И он принялся перечислять императриц, императоров и их любовные связи.
— Вот у дяди всегда настроение хорошее, и мягок он, и весел, отчего? Да оттого, что всегда в кого-нибудь влюблён...
Многое поразило Фанни в русском дворе. Например, то, что князя Николая били воспитатели-немцы, что с детства он питался в основном хлебом и чаем, имея состояние в двести тысяч.
Для развлечения она завела дневник, где записывала кое-какие рассуждения и свои чувства.
«Бездна неприятностей. Муки ревности, любви и ненависти попеременно терзают меня. Вчера я убила бы его, а сегодня душу в объятьях; нет, это не тот, о котором я мечтала. Отчего же я не в силах совладать со своей страстью?..»
«Если бы женщины были свободнее, было бы меньше таких, как я; но жизнь моя — не преступление. Я предпочла свободу тюрьме в стенах добродетели. За это свет меня осуждает и презирает, а я борюсь с ним и пренебрегаю его мнениями...»
«Женщину любят то как добычу, то как игрушку, то как богиню. Иные видят в ней любовницу и товарища — такова любовь ко мне Николая».
«Париж для меня то же, что Мекка для мусульманина. Там я желала бы жить и умереть. Я люблю Россию, но Франция с её дьявольской столицей мне милей всего...»
«Порой я чувствую усталость и отвращение ко всему: от служанки, которая распоряжается моими туалетами, до Великого князя, который распоряжается мной...»

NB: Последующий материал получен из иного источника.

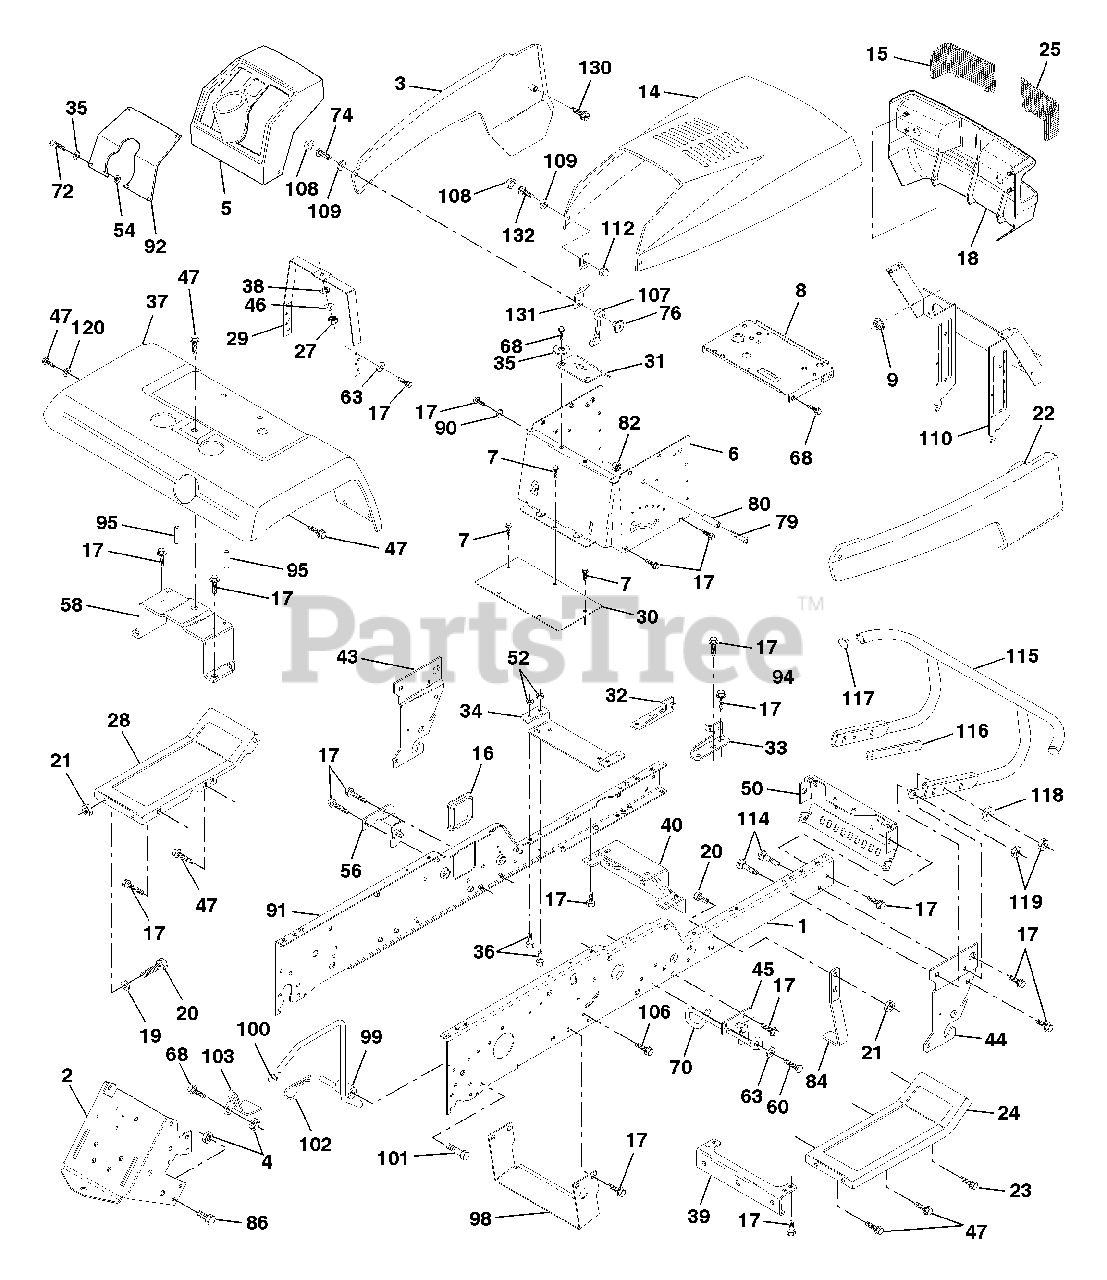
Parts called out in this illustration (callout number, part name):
1	Rail, Frame RH
2	Drawbar, Gt
3	Panel Asm., Side LH
4	Nut, Lock Hex 7/16 Unc
5	Dash, Plastic Black
6	Dash 1-PCS, Lower
7	Screw, Thd Cut 1/4-20 x 1/2
8	Support, Battery
14	Hood Asm., Pnt
15	Lens, Headlight LH
16	Cover, Access
17	Screw, Thdrol 3/8-16 x 3/4
19	Washer 13/32 x 13/16 x 12 Ga.
20	Bolt, Fin Hex 3/8-16 x 1
21	Nut, Crownlock 3/8-16 Unc
22	Panel Asm., Side RH
23	Screw Thdrol. 3/8-16 x 1 Ty-TT
24	Footrest, RH
25	Lens Headlight RH
27	Nut Fin Hex 1/4-20
28	Footrest, LH
29	Bracket, Support Dash
31	Brace, Support Steering
32	Bracket Asm., Frame Pivot Lh
33	Bracket Asm., Frame Pivot Rh
34	Bracket, Engine Support Rear
35	Washer 11/32 x 11/16 x 16 Ga.
36	Bolt, Fin Hex 5/16-18 x 3/4
37	Fender, Pnt.
38	Washer, Lock 1/4
39	Bracket, Axle Front
40	Bracket, Support Axle/Engine
43	Bracket, Spnsn Front Lh
44	Bracket, Spnsn Front Rh
45	Bracket Asm., Susp Chassis Rh
46	Washer 9/32 x 3/4 x 16 Ga.
47	Screw Thdrol 3/8-16 x 1/2
50	Bracket, Chassis Front
52	Locknut, Hex W/Ins 5/16-18 Unc
54	Nut 5/16-18
56	Bracket Asm., Susp Chassis Lh
58	Bracket Asm., Fender
60	Screw Thdrol 3/8-16 x 1-1/4
63	Washer 13/32 x 1 x 14 Ga.
68	Screw, Thdrol 5/16-18 x 1/2
70	Guide, Belt Mid Span
72	Screw, Mach Trhd 5/16-18 x 3/4
74	Screw, Machine #10-24
76	Nut, Weld #10-24
79	Screw, Machine #10-24 x 1/4
80	Spacer, Split
82	Nut #10-24
84	Stop, Over Center 44" 20/23" T. 94
86	Bolt, Fin Hex 7/16-14 Unc x 1
90	Washer, Lock External Tooth 3/8
91	Rail, Frame Lh
92	Plate, Silkscreen Dash
94	Clip, Fuel Line
95	Push Nut, Nylon
98	Bracket Chassis Skid
99	Rod Asm. Bypass
100	Cap Brake Parking Red
101	Screw Thdrol. 3/8-16 x 1-3/4
102	Retainer Spring 1"
103	Bracket Lock Bypass
106	Screw Thdrol. Hex Hd Zinc Mur
107	Latch, Chute Blk
108	Cap, Snap Black
109	Cap, Washer Snap
110	Pivot Asm. Grille/Hood Husq. VGT
112	Nut, Acorn, Hex #10-24
114	Bolt, Carriage 3/8-16 x 1-1/4
115	Bumper Asm.
116	Bracket Extension Bumper
117	Plug Plastic
118	Washer 13/32 x 13/16 x 16 Ga.
119	Nut Crownlock 3/8-16 UNC
120	Washer 13/32 x 1 x 16 Ga.
130	Screw, SLTD Hex Hd. W/Pl Washer
131	Bracket Support Hood/Panel YP
132	Screw Truss Hd. #10-24 x 3/8
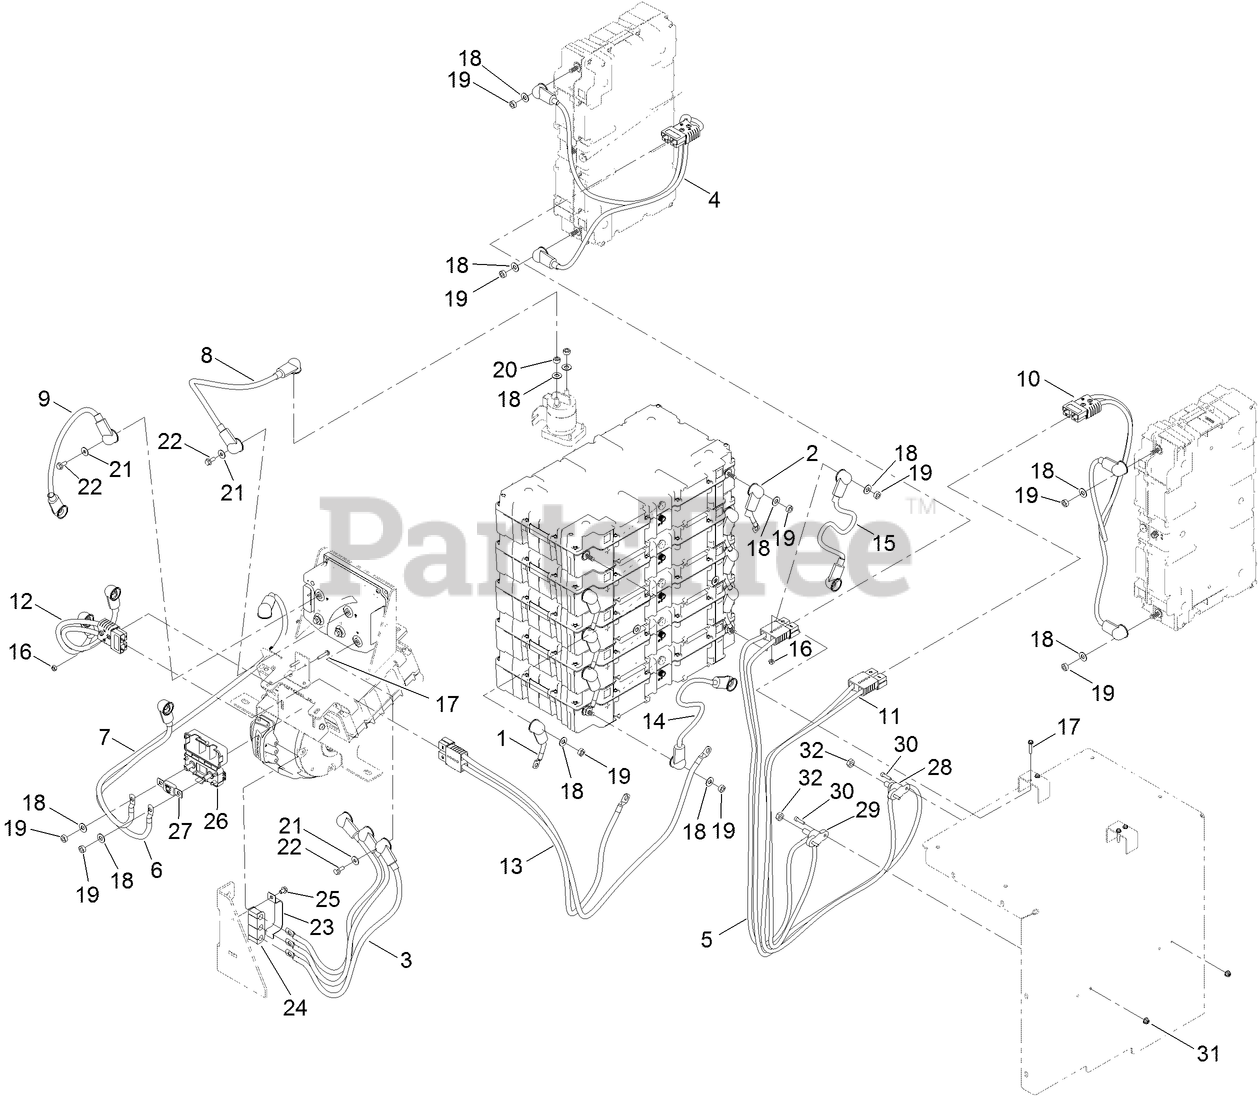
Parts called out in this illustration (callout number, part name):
1	CABLE-BATTERY,POSITIVE ASM
2	CABLE-BATTERY,NEGATIVE ASM
3	CABLE-BATTERY, RD ASM
4	CABLE-BATTERY, RD/BK ASM
5	CABLE-BATTERY, RD/BK ASM
6	CABLE-BATTERY, RD ASM
7	CABLE-BATTERY, RD ASM
8	CABLE-BATTERY, RD ASM
9	CABLE-BATTERY, BK ASM
10	CABLE-BATTERY, RD/BK ASM
11	CABLE-BATTERY, RD/BK ASM
12	CABLE-BATTERY, RD/BK ASM
13	CABLE-BATTERY, RD/BK ASM
14	CABLE-BATTERY, RD ASM
15	CABLE-BATTERY, BK ASM
16	NUT-LOCK, NI
17	SCREW-HWH
18	WASHER
19	NUT-HEX
21	WASHER
22	SCREW-HHF
23	RETAINER-ISOLATOR
24	ISOLATOR-CLAMP
25	SCREW-HWH
26	HOLDER-FUSE, MEGA
27	FUSE-200 AMP
28	BLOCK-JUNCTION
29	BLOCK-JUNCTION
30	SCREW-HSH
31	NUT-HF
32	NUT-HEX
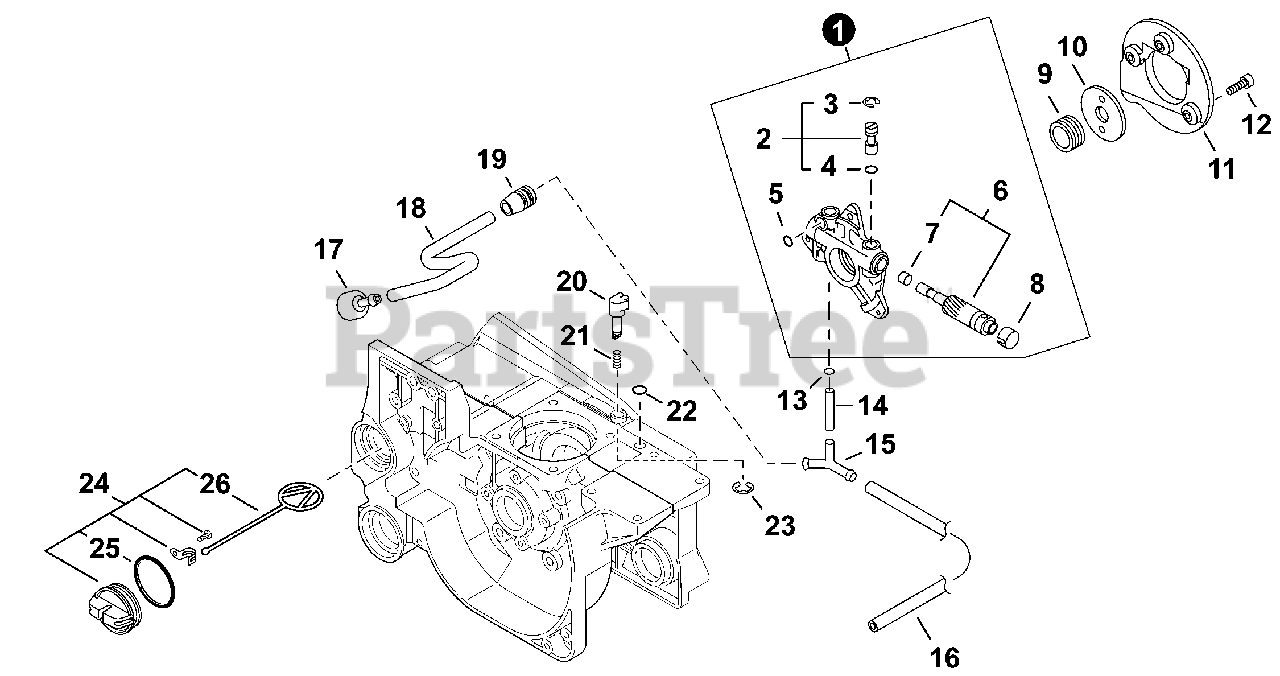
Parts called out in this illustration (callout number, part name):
1	AUTO-OILER ASSY
2	PIN ASSY, CONTROL
5	O-RING 3
6	PLUNGER KIT
8	CAP, PLUNGER
9	GEAR, WORM
11	COVER, OIL PUMP
12	BOLT 4×14
13	CLIP Ø6.5 MM
14	PIPE, OIL 3×6×20
15	CONNECTOR, PIPE
16	PIPE, FUEL 3×6×210 BLACK
17	FILTER, OIL
18	PIPE, OIL
22	O-RING 3
23	E-RING 3
24	CAP ASSY, OIL
26	CONNECTOR, CAP L= 60 MM
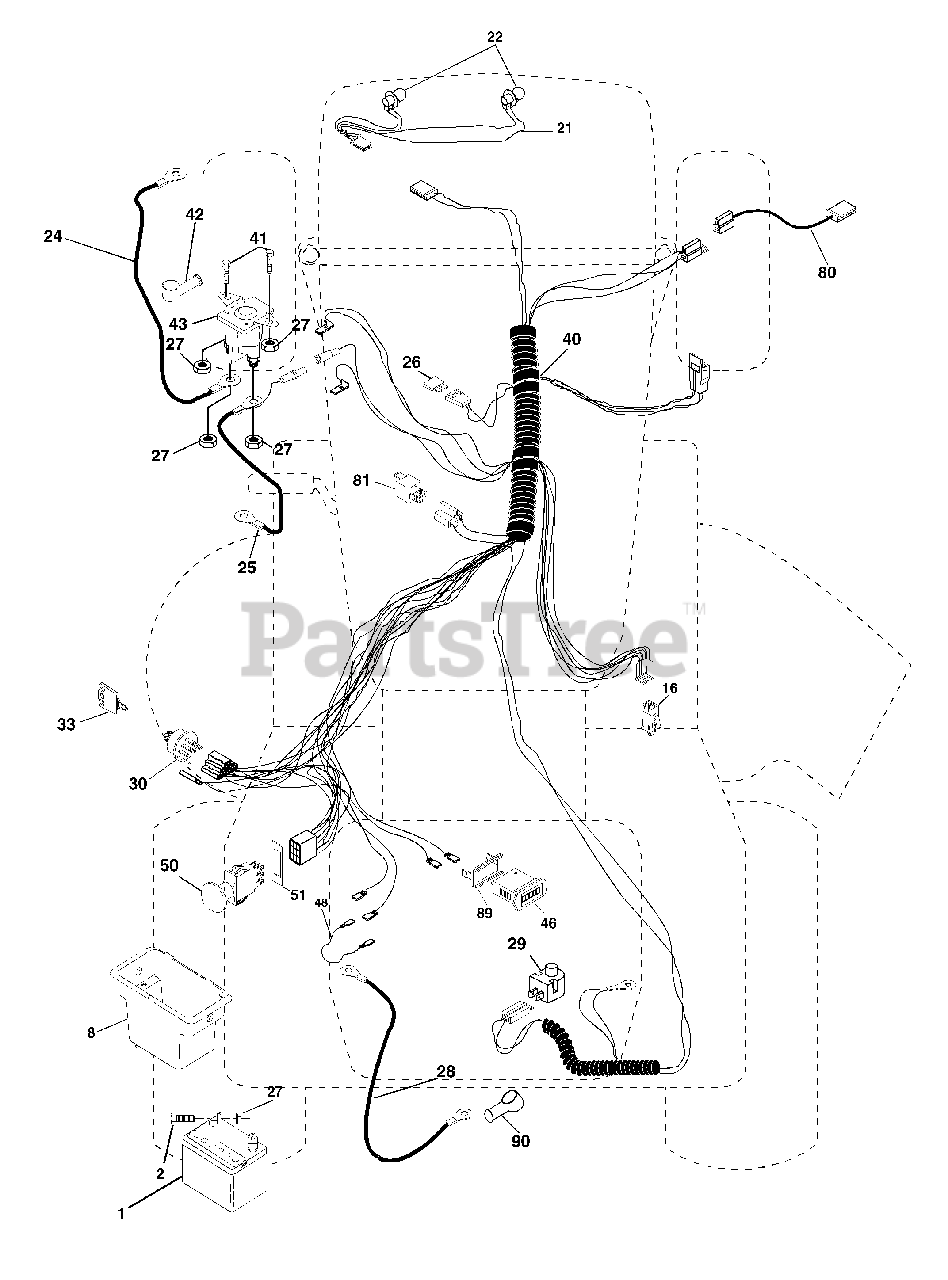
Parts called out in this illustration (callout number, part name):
1	Battery 12 Volt 28 AMP
2	Bolt Hex Hd 1/4-20unc X 3/4
8	Battery Box
16	Switch Interlock Push-In
21	Harness Asm Light W/4152j
22	Bulb Light #1156
24	Cable Battery 6 Ga 11" red
25	Cable Battery 6 Ga 44" red w/16 wire
27	Nut Keps Hex 1/4-20 Unc
28	Cable Ground 6 Ga 12" black
29	Switch Plunger Nc Gray
30	Switch Ign
33	Key Ign Generic
40	Harness Ign.
41	Bolt Blk Fin Hex 1/4 - 20 x 1/2
42	Cover Terminal Red
43	Solenoid
46	Meter Hour
48	Adapter Ammeter
50	Switch PTO
51	Ring Retainer PTO
80	Harness Clutch Evx
81	Relay Asm.
89	Bracket Snap-In Hourmeter
90	Cover Terminal
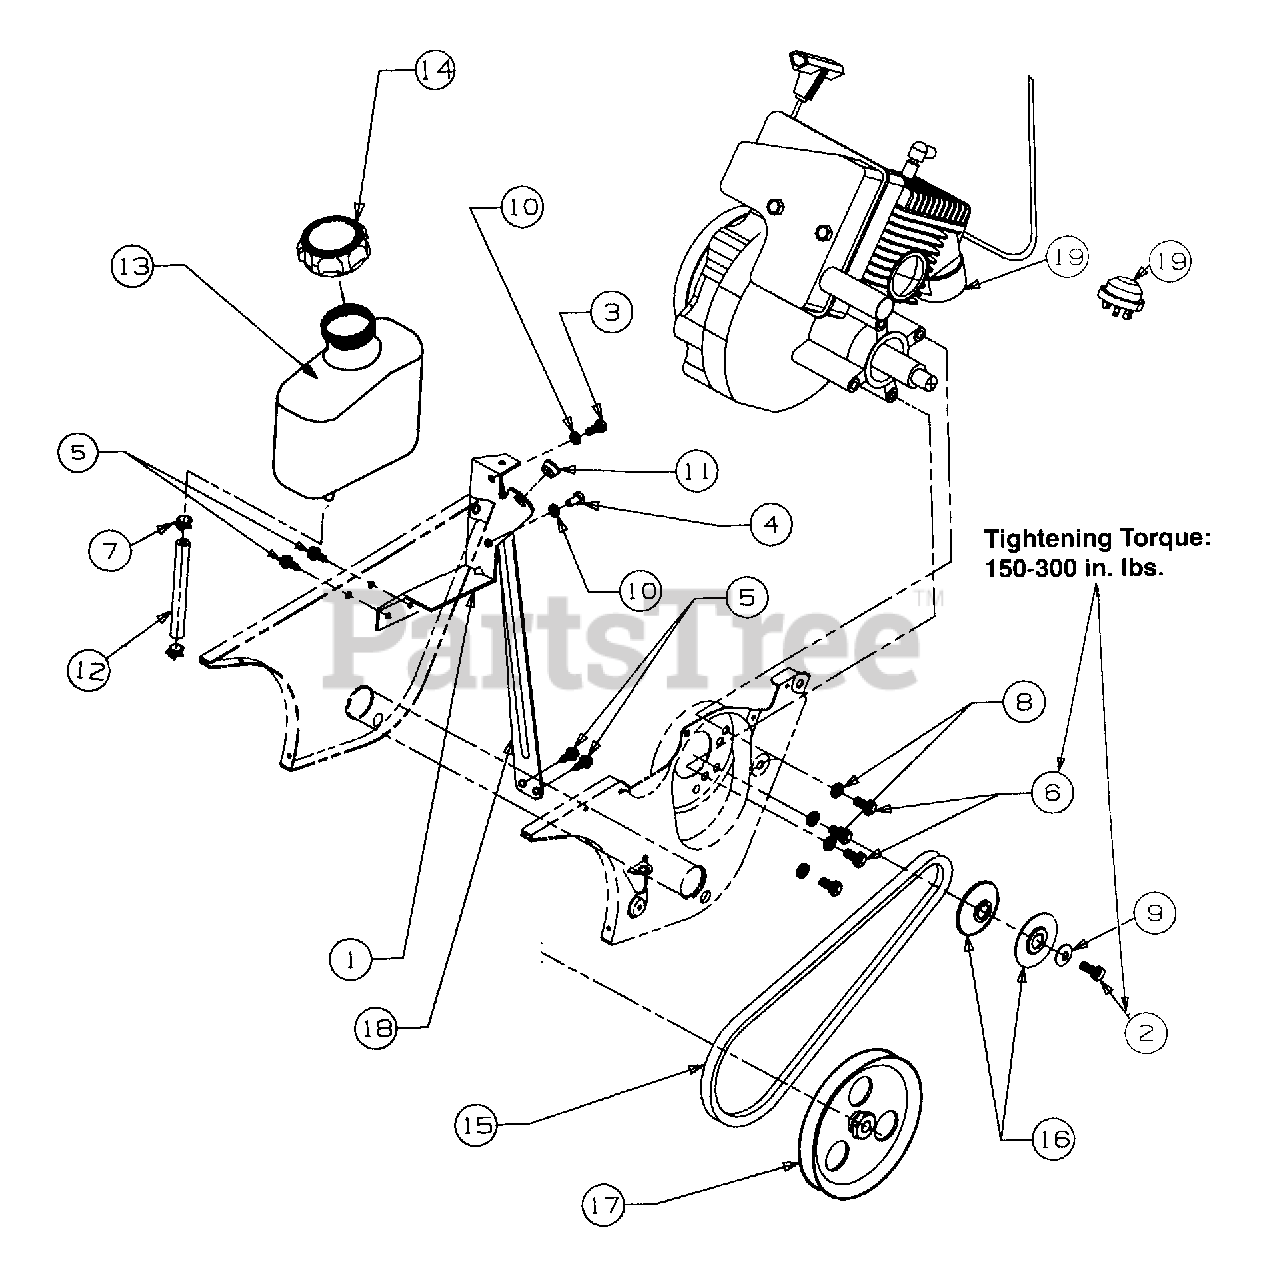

«За пять месяцев нашей связи он ни разу не отлучился от меня...»
«В пятнадцать лет невинность женщины называется наивностью, в двадцать — простоватостью, а после этого — глупостью...»
«Накануне Пасхи я была в соборе вся в белом и со свечой в руках, как прочие православные. В полночь архиерей, обратившись к толпе, произнёс: «Христос воскресе!» После чего началось христосование. Государь должен был целоваться с публикой три часа кряду, отчего под конец походил лицом на мулата».
«Летом 1872 года мы отправились в Павловск, где Николай предоставил мне свою дачу с прекрасным садом. Я была счастлива его любовью и, со своей стороны, любила его как ребёнка, любовника и покровителя. Отчего не дали мне дольше платить своей преданностью за его доброту ко мне?»
Царская казна давно трещала от скромных запросов «благородной американки».
Фанни Лир внесла в отношения со своим возлюбленным южный темперамент и колорит. Бывали у них и потасовки, когда он орудовал кулаками, а она увесистой щёткой для волос; бывали и чувствительные обмороки, в основном у Великого князя — от страха, что она бросит его. Иногда Фанни нарочно подбивала его на ссору, когда ей хотелось новое платье или браслет с изумрудами. Она хорошо изучила родовые черты Романовых и помнила дворцовый анекдот о боярине, который в пору безденежья навлекал на себя царский гнев, чтобы вскоре разбогатеть (ведь раскаяние царей — это деньги).